Mig and her family are conscripted to a visit to Aunt Maria's seaside cottage, only to find her ruling the village in an iron grip. Mig's story is recorded in diary entries, which is a gimmick I adore, and moves from a wry, claustrophobic comedy of manners and into something appropriately DWJ-ish: strange, organic, magical. I was prepared to be annoyed by the binary, isolationist treatment of gender, and it's not awfully subtle, but it grows weirder and more complicated alongside the magic. My favorite DWJ? nah; but I have a backlog of her books on my ereader that I keep for a rainy day, an "I have nothing to read day," and selecting one at random had exactly the effect I wanted: it held my attention, wasn't afraid to get funny and strange, but grounded itself in well-sketched characters.
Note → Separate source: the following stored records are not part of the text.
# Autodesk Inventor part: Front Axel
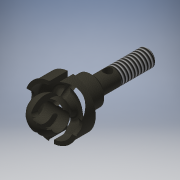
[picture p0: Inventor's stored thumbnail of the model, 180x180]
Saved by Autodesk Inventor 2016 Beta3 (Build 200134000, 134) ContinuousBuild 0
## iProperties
Shininess: 41.0
Compacted: True
Length Units: 11272
Angle Units: 11279
Time Units: 11290
Mass Units: 11286
Length Display Precision: 4
Angle Display Precision: 2
Company: Autodesk
Created: 2000-05
Part Number: Front Axel
Project: Inventor Samples
User Status: IN PROGRESS
Document SubType Name: Modeling
Designer: Autodesk, Inc.
Density: 1.28 g/cm^3
Material: Stiffzel
Mass: 1.36819 g
Surface Area: 14.0023 cm^2
Volume: 1.0689 cm^3
Appearance: Stiffzel
Density: 0.0
Volumn: 0.0
Area: 0.0
PropertySet Name: Model Information
Control State: 0
Master: False
Checked Out: False
Author: Autodesk, Inc.
Revision Number: A
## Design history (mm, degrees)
node "Extrusion1" dims "d1" = 21.844, "d2" = 0
  sketch "Sketch2"
    geometry: C1 r 2.381 at (0, 0)
    constraints: 1 centre point
    dimensions: "d0" = 4.7625 diameter of C1
node "Extrusion2" dims "d4" = 3.81, "d5" = -40 deg
  sketch "Sketch3"
    geometry: C1 r 2.381 at (0, 0) reference; C2 r 3.81 at (0, 0)
    constraints: 1 centre point, 1 coincident
    dimensions: "d3" = 7.62 diameter of C2
node "Chamfer1" dims "d6" = 0.381, "d7" = 0.381, "d42" = 45 deg
workaxis "Work Axis1"
workplane "Work Plane1"
node "Revolution1" dims "d11" = 90 deg
  sketch "Sketch4"
    geometry: L1 (0, 17.323)-(0, -28.372) reference; L2 (-0.613, 3.81)-(0.613, 3.81) reference; L3 (-3.81, 0)-(3.81, 0) reference; L4 (0, 0)-(-7.144, 0); L5 (-7.144, 0)-(-7.144, 5.143); L6 (-7.144, 5.143)-(-7.398, 5.143); L7 (-7.398, 5.143)-(-7.398, 5.397); L8 (-7.398, 5.397)-(-6.331, 5.397); L9 (-6.331, 5.397)-(-6.331, 2.634); L10 (-6.331, 2.634)-(-4.161, 0.813); L11 (-4.161, 0.813)-(0, 0.813); L12 (0, 0)-(0, 0.813); L13 (-3.81, 0)-(-0.613, 3.81) reference; A1 r 4.445 centre (0, 6.35) between (0, 10.795) and (0, 1.905)
    constraints: 18 end point, 4 parallel, 4 perpendicular, 4 point on line, 2 point on circle, 1 centre point, 1 collinear, 1 midpoint
    dimensions: "d9" = 8.89 diameter of A1; "d10" = 2.54 distance from line of L2 A1.centre; "d29" = 14.2875 diameter of L5 L1; "d30" = 0.254 distance between parallel lines of L8 L6; "d31" = 0.254 distance from line of L5 L7.end; "d32" = 0.8128 distance between parallel lines of L3 L11; "d33" = 0.8128 distance between parallel lines of L5 L9; "d34" = 2.54 distance from line of L4.end L10; "d35" = 5.3975 distance between parallel lines of L4 L8
workpoint "Work Point1"
workplane "Work Plane2"
workaxis "Work Axis2"
workplane "Work Plane3"
node "Fillet1" dims "d12" = 0.508
fillet "Fillet2" dims "d41" = 0.8128
sketch "Sketch8"
  geometry: C1 r 2.381 at (0, 0) reference; C2 r 4.001 at (0, 0)
  constraints: 1 centre point, 1 coincident
  dimensions: "d36" = 8.001 diameter of C2
extrude "Extrusion5" join sketch "Sketch8" distance "d37" = 6.35; taper "d38" = 0 deg
chamfer "Chamfer3" distance "d39" = 0.8128; stored, may be unused: second distance "d40" = 0.8128, angle "d43" = 45 deg
node "Revolution2" dims "d14" = 90 deg
  sketch "Sketch5"
    geometry: L1 (5.334, 0)-(-5.334, 0) reference; L2 (-0.794, 14.224)-(0.794, 14.224); L3 (0.794, 14.224)-(0.794, 1.524); L4 (-0.794, 1.524)-(-0.794, 14.224); L5 (0, 17.831)-(0, -7.417) reference; A1 r 0.794 centre (0, 1.524) between (-0.794, 1.524) and (0.794, 1.524)
    constraints: 6 end point, 2 parallel, 2 point on circle, 2 tangent, 1 centre point, 1 perpendicular, 1 point on line
    dimensions: "d13" = 0.79375 radius of A1; "d15" = 12.7 vertical distance of L2.start A1.centre; "d16" = 14.224 distance between parallel lines of L1 L2
node "Mirror1"
node "Extrusion3" dims "d19" = 1.27, "d20" = 0
  sketch "Sketch6"
    geometry: C1 r 2.54 at (0, 6.35); A1 r 4.445 centre (0, 6.35) between (1.406, 10.567) and (-1.406, 10.567) reference
    constraints: 1 centre point, 1 coincident
    dimensions: "d18" = 5.08 diameter of C1
node "Chamfer2" dims "d21" = 0.127, "d22" = 0.127, "d44" = 45 deg
node "Extrusion4" dims "d25" = 25.4, "d26" = 0
  sketch "Sketch7"
    geometry: L1 (0, 4.369)-(0, -26.213) reference; L2 (2, -21.844)-(-2, -21.844) reference; C1 r 1.194 at (0, -10.465)
    constraints: 1 centre point, 1 point on line
    dimensions: "d23" = 11.3792 distance from line of L2 C1.centre; "d24" = 2.3876 diameter of C1
thread "Thread1" dims "d27" = 9.525, "d28" = 0
body "Solid1"
other parameters: "d8" = 90 deg, "d17" = 90 deg

Title: The Little White Horse
Author: Elizabeth Goudge
Published: Penguin Young Readers Group, 2001 (1946)
Rating: 3.5 of 5
Page Count: 240
Total Page Count: 505,565
Text Number: 1801
Read Because: reviewed by Rosamund, ebook borrowed from the Multnomah County Library
Review: A girl orphaned by her parents' death travels to live with her cousin at a distant estate, and is pulled into an ancient family feud troubling a sweet country village. The beauty and the beast vibes are real - not the monster bridegroom, but the estate: beautiful, gently neglected, haunted by a tragic past, magically populated by embroidered riding habits and delicious sugar biscuits. It's delightfully purple escapist reading, set on the blooming cusp of spring, lush and indulgent and unrepentant. And for want of a monster bridegroom or other dangerous fairytale aspect it's limited by its 1946 publishing date, with restrictive gender and didactic social commentary which is never subverted or complicated. I mind less than I would: blur out the lectures about the sins of female curiosity, and the protagonist's journey, riding her gigantic protector-dog into the dark woods that surround a fairytale estate, still feels beautiful, bold, and, yes, full of a hunger for knowledge.
Title: A History of Fear
Author: Luke Dumas
Narrator: Graham Halstead, Toni Frutin, Gary Tiedemann, Jennifer Aquino, Shiromi Arserio, Gary Furlong
Published: Simon Schuster Audio, 2022
Rating: 3.5 of 5
Page Count: 370
Total Page Count: 506,250
Text Number: 1803
Read Because: this review, audiobook borrowed from the Multnomah County Library
Review: The personal testimony, edited and supplemented by interviews and evidence, of a murderer who claims his crime was the work of the devil. That gimmick - the personal narrative paired with investigative materials - is great fun, expanding on unreliable narrator tropes by adding a host of additional, contradicting voices. Both halves of the narrative develop their own theories, a divided structure that limits the space for each and, as a result, means neither is especially subtle. Still, I like how this handles ( spoiler ): subtle, again, not so much, but nuanced it is.